Hold on. Where did those rational thoughts and complete sentences come from? Mom has been talking in alphabet soup recently, I haven’t heard her make much sense in weeks. Clearly this is one of those breaks in the Alzheimers clouds: a moment of clarity amidst the chaos and confusion. Well-intentioned brother Eddy and niece Catherine try to buoy her flagging spirits.
“What do you mean? You’re fine. You won all the games this afternoon. You’re doing great.” Eddy is ever supportive.
“Yeah Patty. What are you talking about? Everything’s okay. You’re amazing.” Catherine chimes in.
“No I’m not. I can’t do anything like I used to. Something’s wrong.” Mom’s voice cracks. She’s about to cry. “I’m not the same. I don’t know why and I don’t know what to do.” The thing is, she’s right. She’s not okay. Far from it. She’s living and dying with Alzheimer’s disease. That’s the truth of it. And even though she doesn’t know it, at some level she does. Somewhere inside lies a deep pool of knowing, and I’m about to see her reflected in it. I push my chair from the table, and start to get up.
“Come on Mom. You can help me with the dishes. Okay?” I say.
“Okay.” She whispers. The kitchen is familiar territory. The sink, drawers, cupboards, and counters feel safe. She’s helped me with small tasks before; she knows instinctively how and what to do. But she doesn’t head for the dishwasher. Instead (with my help), she lowers herself (turn, reverse, sit!) in the rabbit-eared antique chair I brought from her own kitchen in her own house to this rented home of mine.
“I’m so tired Punkie.” Her mouth says the words, but her spirit is at the helm. I know immediately she’s not talking about being physically exhausted, or about wanting to go to bed. She’s telling me she’s worn out by this illness, and everything that goes with it: the confusion, the indignity, the anger, the frustration, the shit–both literal and figurative–etcetera after crushing etcetera. That’s what she means; it’s as clear to me as blue sky on a cloudless day. It’s no wonder she’s distraught. She feels like she’s caving in on herself. And all I can do is stand there and watch, helpless. I squat in front of her; take her hands in mine; look her straight in the eye.
“I know Mom,” I say.
“I know Mom,” I repeat and squeeze her hands gently; I don’t want to bruise her. “Mom, you can go home when you want. You and God can decide when. Are you ready to go now Mom?”

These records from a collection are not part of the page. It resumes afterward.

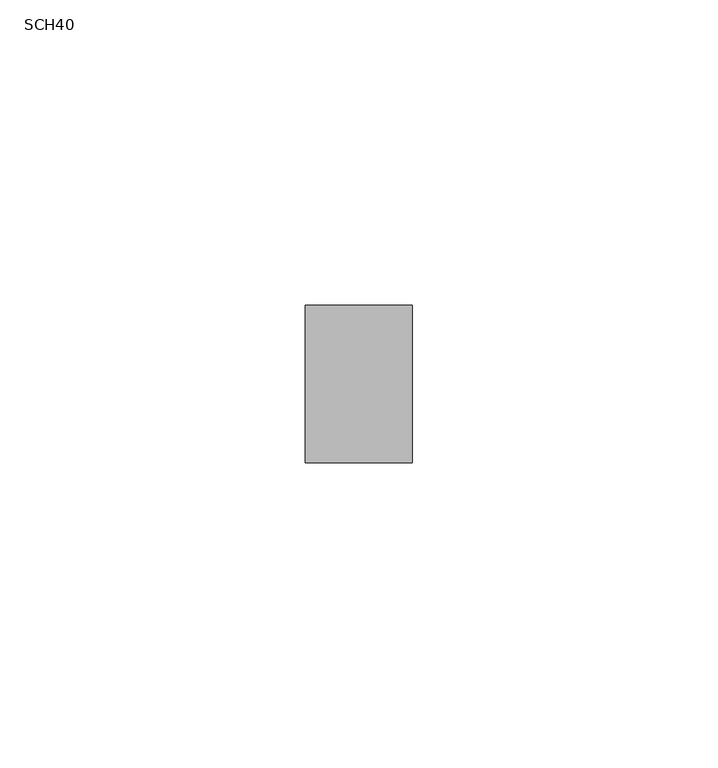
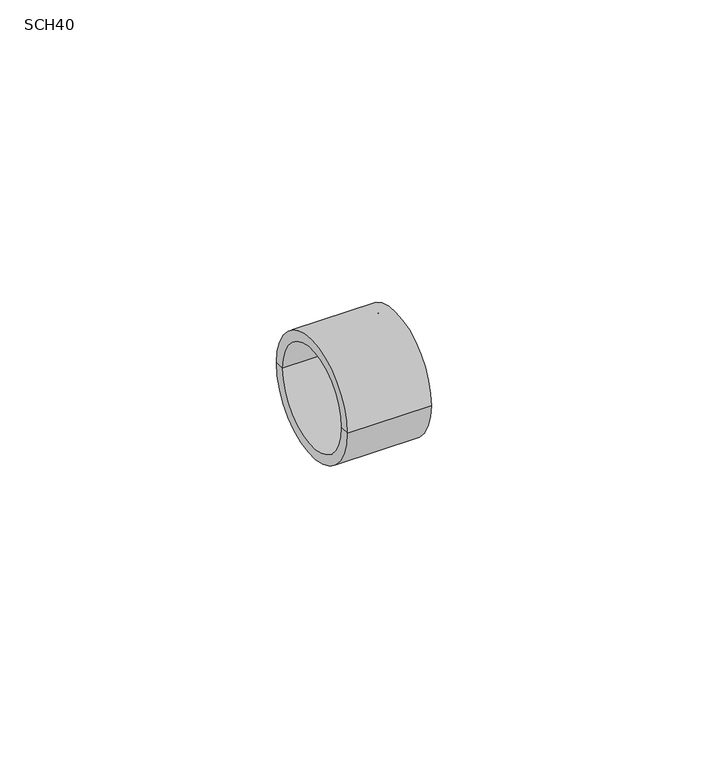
"""IFC4 building model written with IfcOpenShell, lengths in millimetres: cable carrier fitting geometry, PavcoWavin_ConduitFittings_AdaptadorTerminal_Union : SCH40."""

import ifcopenshell
import ifcopenshell.guid

model = None  # the IFC model being written
_history = None  # IfcOwnerHistory: only IFC2X3 demands one
_inside = {}  # id of a spatial element -> (the spatial element, [elements in it])
_under = {}  # id of a project, library or spatial element -> (it, [spatial elements below it])
_declared = {}  # id of a project -> (the project, [libraries it declares])
_typed = {}  # id of a type object -> (the type object, [elements of that type])
_made_of = {}  # id of a material, layer set ... -> (it, [elements and type objects made of it])


def new_model(schema):
    """Start an empty IFC model of exactly this schema.

    Asked for "IFC4X3", IfcOpenShell would pick the latest addendum, in which some entities
    have other attributes; the version numbers below select the first issue.
    IFC2X3 requires an IfcOwnerHistory on every rooted entity: one is made here for all.
    """
    global model, _history
    if schema == "IFC4X3":
        model = ifcopenshell.file(schema_version=(4, 3, 0, 0))
    else:
        model = ifcopenshell.file(schema=schema)
    _inside.clear()
    _under.clear()
    _declared.clear()
    _typed.clear()
    _made_of.clear()
    _history = None
    if model.schema == "IFC2X3":
        org = make("IfcOrganization", Name="unknown")
        user = make(
            "IfcPersonAndOrganization",
            ThePerson=make("IfcPerson", FamilyName="unknown"),
            TheOrganization=org,
        )
        app = make(
            "IfcApplication",
            ApplicationDeveloper=org,
            Version="unknown",
            ApplicationFullName="unknown",
            ApplicationIdentifier="unknown",
        )
        _history = make(
            "IfcOwnerHistory",
            OwningUser=user,
            OwningApplication=app,
            ChangeAction="ADDED",
            CreationDate=0,
        )
    return model


def make(cls, **values):
    """One entity of the class cls with the attributes given. An attribute that is None is left unset."""
    return model.create_entity(
        cls, **{name: value for name, value in values.items() if value is not None}
    )


def rooted(cls, **values):
    """An entity with a GlobalId (a new one), such as an element, a storey or a relation."""
    return make(cls, GlobalId=ifcopenshell.guid.new(), OwnerHistory=_history, **values)


def si_unit(unit_type, name, prefix=None):
    """IfcSIUnit, for example si_unit("LENGTHUNIT", "METRE", prefix="MILLI")."""
    return make("IfcSIUnit", UnitType=unit_type, Prefix=prefix, Name=name)


def assignment(units):
    """IfcUnitAssignment: the units of a project."""
    return None if units is None else make("IfcUnitAssignment", Units=units)


def point(xyz):
    """IfcCartesianPoint."""
    return None if xyz is None else make("IfcCartesianPoint", Coordinates=xyz)


def direction(xyz):
    """IfcDirection."""
    return None if xyz is None else make("IfcDirection", DirectionRatios=xyz)


def frame(location, z_axis=None, x_axis=None):
    """IfcAxis2Placement3D, a coordinate frame: its origin and axes. An axis left out is left unset."""
    return make(
        "IfcAxis2Placement3D",
        Location=point(location),
        Axis=direction(z_axis),
        RefDirection=direction(x_axis),
    )


def origin():
    """The frame at (0, 0, 0) with its axes left unset."""
    return frame((0.0, 0.0, 0.0))


def place(relative_to, where):
    """IfcLocalPlacement: puts the frame where relative to a parent placement (None: the world)."""
    return make(
        "IfcLocalPlacement", PlacementRelTo=relative_to, RelativePlacement=where
    )


def context(
    kind, dimensions, precision=None, world=None, true_north=None, identifier=None
):
    """IfcGeometricRepresentationContext, for example the 3D "Model" context."""
    return make(
        "IfcGeometricRepresentationContext",
        ContextIdentifier=identifier,
        ContextType=kind,
        CoordinateSpaceDimension=dimensions,
        Precision=precision,
        WorldCoordinateSystem=world,
        TrueNorth=true_north,
    )


def project(units=None, contexts=None):
    """IfcProject with its units and contexts."""
    return rooted(
        "IfcProject",
        Name="project",
        RepresentationContexts=contexts,
        UnitsInContext=assignment(units),
    )


def spatial(cls, under=None, at=None, **own):
    """A site, building, storey or space (cls), placed at a placement, below another one or the project."""
    s = rooted(cls, ObjectPlacement=at, **own)
    if under is not None:
        _under.setdefault(under.id(), (under, []))[1].append(s)
    return s


def polyline(points):
    """IfcPolyline through the points."""
    return make("IfcPolyline", Points=[point(p) for p in points])


def circle_curve(where, radius):
    """IfcCircle in the frame where."""
    return make("IfcCircle", Position=where, Radius=radius)


def shape(context_of_items, identifier, shape_type, items):
    """IfcShapeRepresentation: the items that make up one representation, for example the "Body"."""
    return make(
        "IfcShapeRepresentation",
        ContextOfItems=context_of_items,
        RepresentationIdentifier=identifier,
        RepresentationType=shape_type,
        Items=items,
    )


def source(mapping_origin, context_of_items, identifier, shape_type, items):
    """IfcRepresentationMap: a shape defined once, which mapped items show again and again."""
    return make(
        "IfcRepresentationMap",
        MappingOrigin=mapping_origin,
        MappedRepresentation=shape(context_of_items, identifier, shape_type, items),
    )


def transform(
    local_origin,
    x_axis=None,
    y_axis=None,
    z_axis=None,
    scale=None,
    scale2=None,
    scale3=None,
    uniform=True,
):
    """IfcCartesianTransformationOperator3D, or its non-uniform kind. x_axis, y_axis, z_axis: its Axis1, 2, 3."""
    if uniform:
        return make(
            "IfcCartesianTransformationOperator3D",
            Axis1=direction(x_axis),
            Axis2=direction(y_axis),
            LocalOrigin=point(local_origin),
            Scale=scale,
            Axis3=direction(z_axis),
        )
    return make(
        "IfcCartesianTransformationOperator3DnonUniform",
        Axis1=direction(x_axis),
        Axis2=direction(y_axis),
        LocalOrigin=point(local_origin),
        Scale=scale,
        Axis3=direction(z_axis),
        Scale2=scale2,
        Scale3=scale3,
    )


def mapped(mapping_source, mapping_target):
    """IfcMappedItem: shows the shape of a source again, moved by a transform."""
    return make(
        "IfcMappedItem", MappingSource=mapping_source, MappingTarget=mapping_target
    )


def made_of(thing, what):
    """Note that an element or type object is made of a material, layer set ...; save() writes the relation."""
    if what is not None:
        _made_of.setdefault(what.id(), (what, []))[1].append(thing)
    return thing


def element(
    cls,
    number,
    at=None,
    inside=None,
    cuts=None,
    type_object=None,
    material=None,
    context=None,
    identifier="Body",
    shape_type=None,
    held_by="IfcProductDefinitionShape",
    body=None,
    shapes=None,
    **own,
):
    """One element of the class cls, such as IfcWall. Its Tag is "e" and its number.

    at: its placement. inside: the storey or other place that contains it. cuts: it is an
    opening in that element (IfcRelVoidsElement). A single representation is given by context,
    identifier, shape_type and body (its items); several are given by shapes. held_by: the class
    of the entity that holds the representations. save() writes the other relations.
    """
    e = rooted(cls, Tag="e%d" % number, ObjectPlacement=at, **own)
    if body is not None:
        shapes = [shape(context, identifier, shape_type, body)]
    if shapes is not None:
        e.Representation = make(held_by, Representations=shapes)
    if inside is not None:
        _inside.setdefault(inside.id(), (inside, []))[1].append(e)
    if cuts is not None:
        rooted(
            "IfcRelVoidsElement", RelatingBuildingElement=cuts, RelatedOpeningElement=e
        )
    if type_object is not None:
        _typed.setdefault(type_object.id(), (type_object, []))[1].append(e)
    return made_of(e, material)


def aggregate(whole, parts):
    """IfcRelAggregates: a whole, such as a stair, and the parts it consists of."""
    return rooted("IfcRelAggregates", RelatingObject=whole, RelatedObjects=parts)


def save(model, path):
    """Write the relations noted so far, then the file.

    IfcRelAggregates (storeys below a building ...), IfcRelContainedInSpatialStructure (elements
    in a storey), IfcRelDefinesByType, IfcRelAssociatesMaterial and IfcRelDeclares: one each for
    every whole, place, type object, material and project.
    """
    for whole, parts in _under.values():
        aggregate(whole, parts)
    for where, things in _inside.values():
        rooted(
            "IfcRelContainedInSpatialStructure",
            RelatedElements=things,
            RelatingStructure=where,
        )
    for kind, things in _typed.values():
        rooted("IfcRelDefinesByType", RelatedObjects=things, RelatingType=kind)
    for what, things in _made_of.values():
        rooted("IfcRelAssociatesMaterial", RelatedObjects=things, RelatingMaterial=what)
    for by, libraries in _declared.values():
        rooted("IfcRelDeclares", RelatingContext=by, RelatedDefinitions=libraries)
    model.write(path)


def plane_surface(at):
    """IfcPlane: the flat surface through the origin of the frame at, square to its z axis."""
    return make("IfcPlane", Position=at)


def cylinder_surface(at, radius):
    """IfcCylindricalSurface: all points at the distance radius from the z axis of the frame at."""
    return make("IfcCylindricalSurface", Position=at, Radius=radius)


def revolved_surface(curve, axis_point, axis_direction):
    """IfcSurfaceOfRevolution: the curve turned about the line through axis_point along axis_direction."""
    return make(
        "IfcSurfaceOfRevolution",
        SweptCurve=make("IfcArbitraryOpenProfileDef", ProfileType="CURVE", Curve=curve),
        AxisPosition=make("IfcAxis1Placement", Location=point(axis_point), Axis=direction(axis_direction)),
    )


def advanced_brep(points, edges, surfaces, faces):
    """IfcAdvancedBrep: a solid bounded by faces that lie on surfaces and meet in shared edges.

    An edge is (start, end): straight between two places in points (the first is 0);
    or (start, end, curve); or (start, end, curve, False) where it runs against its curve.
    A face is (place in surfaces, loops), or (place, loops, False) where it looks against
    its surface's normal. A loop lists edges by number (the first is 1), with a minus sign
    where the edge is run from its end to its start. The first loop is the outer one.
    """
    corners = [point(p) for p in points]
    vertices = [make("IfcVertexPoint", VertexGeometry=c) for c in corners]
    made = []
    for start, end, *more in edges:
        made.append(
            make(
                "IfcEdgeCurve",
                EdgeStart=vertices[start],
                EdgeEnd=vertices[end],
                EdgeGeometry=more[0] if more else make("IfcPolyline", Points=[corners[start], corners[end]]),
                SameSense=more[1] if len(more) > 1 else True,
            )
        )
    hull = []
    for where, loops, *sense in faces:
        bounds = []
        for j, loop in enumerate(loops):
            ring = [make("IfcOrientedEdge", EdgeElement=made[abs(k) - 1], Orientation=k > 0) for k in loop]
            bounds.append(
                make(
                    "IfcFaceOuterBound" if j == 0 else "IfcFaceBound",
                    Bound=make("IfcEdgeLoop", EdgeList=ring),
                    Orientation=True,
                )
            )
        hull.append(make("IfcAdvancedFace", Bounds=bounds, FaceSurface=surfaces[where], SameSense=sense[0] if sense else True))
    return make("IfcAdvancedBrep", Outer=make("IfcClosedShell", CfsFaces=hull))


def sch40_e715ed77(model_context):
    return source(origin(), model_context, "Body", "AdvancedBrep", [
        advanced_brep(
        [(-16.23, -12.86, 0.0), (-16.23, 12.86, 0.0), (1.25, 12.86, 0.0), (1.25, -12.86, 0.0), (-16.23, -10.75, 0.0), (-16.23, 10.75, 0.0), (1.25, 10.75, 0.0), (1.25, -10.75, 0.0)],
        [
            (0, 1, circle_curve(frame((-16.23, 0.0, 0.0), z_axis=(1.0, 0.0, 0.0), x_axis=(0.0, 1.0, 0.0)), 12.86)),
            (1, 2),
            (2, 3, circle_curve(frame((1.25, 0.0, 0.0), z_axis=(-1.0, 0.0, 0.0), x_axis=(0.0, 1.0, 0.0)), 12.86)),
            (3, 0),
            (1, 0, circle_curve(frame((-16.23, 0.0, 0.0), z_axis=(1.0, 0.0, 0.0), x_axis=(0.0, 1.0, 0.0)), 12.86)),
            (3, 2, circle_curve(frame((1.25, 0.0, 0.0), z_axis=(-1.0, 0.0, 0.0), x_axis=(0.0, 1.0, 0.0)), 12.86)),
            (4, 5, circle_curve(frame((-16.23, 0.0, 0.0), z_axis=(1.0, 0.0, 0.0), x_axis=(0.0, 1.0, 0.0)), 10.75)),
            (5, 1),
            (0, 4),
            (5, 4, circle_curve(frame((-16.23, 0.0, 0.0), z_axis=(1.0, 0.0, 0.0), x_axis=(0.0, 1.0, 0.0)), 10.75)),
            (2, 6),
            (6, 7, circle_curve(frame((1.25, 0.0, 0.0), z_axis=(-1.0, 0.0, 0.0), x_axis=(0.0, 1.0, 0.0)), 10.75)),
            (7, 3),
            (7, 6, circle_curve(frame((1.25, 0.0, 0.0), z_axis=(-1.0, 0.0, 0.0), x_axis=(0.0, 1.0, 0.0)), 10.75)),
            (6, 5),
            (4, 7),
        ],
        [
            cylinder_surface(frame((1983.77, 0.0, 0.0), z_axis=(-1.0, 0.0, 0.0), x_axis=(0.0, 1.0, 0.0)), 12.86),
            plane_surface(frame((-16.23, 0.0, 0.0), z_axis=(-1.0, 0.0, 0.0), x_axis=(0.0, 1.0, 0.0))),
            plane_surface(frame((1.25, 0.0, 0.0), z_axis=(1.0, 0.0, 0.0), x_axis=(0.0, 1.0, 0.0))),
            revolved_surface(polyline([(-16.230000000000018, 10.75, 0.0), (1.25, 10.75, 0.0)]), (1983.77, 0.0, 0.0), (-1.0, 0.0, 0.0)),
        ],
        [
            (0, [[1, 2, 3, 4]]),
            (0, [[5, -4, 6, -2]]),
            (1, [[7, 8, -1, 9]]),
            (1, [[10, -9, -5, -8]]),
            (2, [[-3, 11, 12, 13]]),
            (2, [[-6, -13, 14, -11]]),
            (3, [[-12, 15, -7, 16]]),
            (3, [[-14, -16, -10, -15]]),
        ],
    ),
        advanced_brep(
        [(-1.25, -10.75, 0.0), (-1.25, 10.75, 0.0), (1.25, 10.75, 0.0), (1.25, -10.75, 0.0), (-1.25, 0.0, 0.0), (1.25, 0.0, 0.0)],
        [
            (0, 1, circle_curve(frame((-1.25, 0.0, 0.0), z_axis=(1.0, 0.0, 0.0), x_axis=(0.0, 1.0, 0.0)), 10.75)),
            (1, 2),
            (2, 3, circle_curve(frame((1.25, 0.0, 0.0), z_axis=(-1.0, 0.0, 0.0), x_axis=(0.0, 1.0, 0.0)), 10.75)),
            (3, 0),
            (1, 0, circle_curve(frame((-1.25, 0.0, 0.0), z_axis=(1.0, 0.0, 0.0), x_axis=(0.0, 1.0, 0.0)), 10.75)),
            (3, 2, circle_curve(frame((1.25, 0.0, 0.0), z_axis=(-1.0, 0.0, 0.0), x_axis=(0.0, 1.0, 0.0)), 10.75)),
            (4, 1),
            (0, 4),
            (2, 5),
            (5, 3),
        ],
        [
            cylinder_surface(frame((1998.2590145, 0.0, 0.0), z_axis=(-1.0, 0.0, 0.0), x_axis=(0.0, 1.0, 0.0)), 10.75),
            plane_surface(frame((-1.25, 0.0, 0.0), z_axis=(-1.0, 0.0, 0.0), x_axis=(0.0, 1.0, 0.0))),
            plane_surface(frame((1.25, 0.0, 0.0), z_axis=(1.0, 0.0, 0.0), x_axis=(0.0, 1.0, 0.0))),
        ],
        [
            (0, [[1, 2, 3, 4]]),
            (0, [[5, -4, 6, -2]]),
            (1, [[7, -1, 8]]),
            (1, [[-8, -5, -7]]),
            (2, [[-3, 9, 10]]),
            (2, [[-6, -10, -9]]),
        ],
    ),
    ])


if __name__ == "__main__":
    model = new_model("IFC4")
    model_context = context("Model", 3, world=origin())
    ifc_project = project(units=[si_unit("LENGTHUNIT", "METRE", prefix="MILLI")], contexts=[model_context])
    site = spatial("IfcSite", under=ifc_project)
    building = spatial("IfcBuilding", under=site)
    placement = place(None, origin())
    sch40_shape = sch40_e715ed77(model_context)
    element("IfcCableCarrierFitting", 1, ObjectType="PavcoWavin_ConduitFittings_AdaptadorTerminal_Union : SCH40", at=placement, inside=building, context=model_context, shape_type="MappedRepresentation", body=[
        mapped(sch40_shape, transform((0.0, 0.0, 0.0), x_axis=(1.0, 0.0, 0.0), y_axis=(0.0, 1.0, 0.0), z_axis=(0.0, 0.0, 1.0))),
    ])
    save(model, "model.ifc")

“I don’t know. I have to go to the peeps.” Her physical needs interrupt our metaphysical discussion.
“Okay Mom. Let’s go,” I say. We shuffle out of the kitchen, past Eddy and Catherine who remain at the table chatting.
“We’re going to the peeps.” I state the obvious. “Back in a minute.” Maneuvering Mom into the bathroom and onto the toilet is a bit like backing up a semi-trailer–it takes practice and patience. I’ve got lots of both under my belt. I remove her soiled “pad” (a euphemism for adult hygiene product/diaper) turn on the tap for inspiration (which produces the desired result), and wait ‘til she’s done. Then I clean between her legs, help her to her feet again, put on a new pad, and pull her pants back up. I’ve never changed a baby before, but I’ve changed my Mom. How ironic. Bodily functions out of the way, I check to see if her deeper/higher self is still with us.
“All good Mom?
“Yeah.” She pauses. “Punkie, I’m tired. But I don’t want to go yet. I’ll miss you. We still have lots of fun together.” There goes my heart (for the umpteenth time), and on goes the tap (not the one in the sink). I wrap my arms around her.
“It’s okay Mom, you can decide to go whenever you want,” I reassure her through my tears. “Gran and Auntie Lee and Auntie Jean’o are waiting for you. They’ll be there when you get there. It’s okay. You and God can decide when it’s time to go. It’s up to you.”
“Ok Punk,” she says. The clouds close ranks, and the shaft of light retreats into the heavens behind them.
“Do you wanna’ wash your hands Mom?”
“My hands? These are my hands.” She holds them out, palm upwards.
“Do you want to wash them, Mom?”
“Where?” She looks at the sink, touches the tap. Neither registers.
“In the sink, Mom.”
“Where’s the sink?” She’s still looking at it, with her hand on the tap.
“This is the sink, Mom,” I touch the cold porcelain. “Can I help you with the tap?”
“Okay,” she says.
I put my hand on hers, and together we open the flow.